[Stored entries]
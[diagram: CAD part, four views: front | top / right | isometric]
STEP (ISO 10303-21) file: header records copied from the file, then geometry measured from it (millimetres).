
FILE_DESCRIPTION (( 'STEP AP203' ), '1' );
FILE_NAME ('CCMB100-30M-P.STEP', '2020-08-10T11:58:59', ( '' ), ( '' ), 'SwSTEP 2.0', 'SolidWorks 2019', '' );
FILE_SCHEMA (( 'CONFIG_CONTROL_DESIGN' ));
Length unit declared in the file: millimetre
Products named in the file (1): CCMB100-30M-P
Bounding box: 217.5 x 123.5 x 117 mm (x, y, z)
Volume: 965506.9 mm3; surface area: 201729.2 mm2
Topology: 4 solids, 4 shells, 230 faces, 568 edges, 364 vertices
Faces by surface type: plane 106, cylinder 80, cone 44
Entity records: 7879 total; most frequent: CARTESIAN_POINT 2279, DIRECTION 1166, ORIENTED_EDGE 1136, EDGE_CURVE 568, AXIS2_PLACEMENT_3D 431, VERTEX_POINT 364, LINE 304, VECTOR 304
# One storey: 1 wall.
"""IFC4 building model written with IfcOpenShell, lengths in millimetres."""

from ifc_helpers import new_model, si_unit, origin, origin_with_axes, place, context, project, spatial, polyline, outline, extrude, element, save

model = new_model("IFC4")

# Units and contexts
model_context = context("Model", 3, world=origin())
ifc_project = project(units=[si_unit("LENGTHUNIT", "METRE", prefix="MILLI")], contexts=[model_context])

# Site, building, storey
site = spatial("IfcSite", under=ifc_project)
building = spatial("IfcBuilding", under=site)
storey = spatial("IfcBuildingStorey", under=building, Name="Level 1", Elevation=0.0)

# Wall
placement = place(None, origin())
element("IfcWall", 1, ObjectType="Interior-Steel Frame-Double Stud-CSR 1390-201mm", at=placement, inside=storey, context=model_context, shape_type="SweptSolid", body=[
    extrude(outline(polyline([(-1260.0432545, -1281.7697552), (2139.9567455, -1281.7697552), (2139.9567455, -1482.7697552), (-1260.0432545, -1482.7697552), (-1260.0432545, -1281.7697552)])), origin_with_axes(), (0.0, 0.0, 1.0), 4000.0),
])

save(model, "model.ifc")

Directions: Looking through the data above, copy out each line in which the string "contexts" occurs.

Final answer:
# Units and contexts
ifc_project = project(units=[si_unit("LENGTHUNIT", "METRE", prefix="MILLI")], contexts=[model_context])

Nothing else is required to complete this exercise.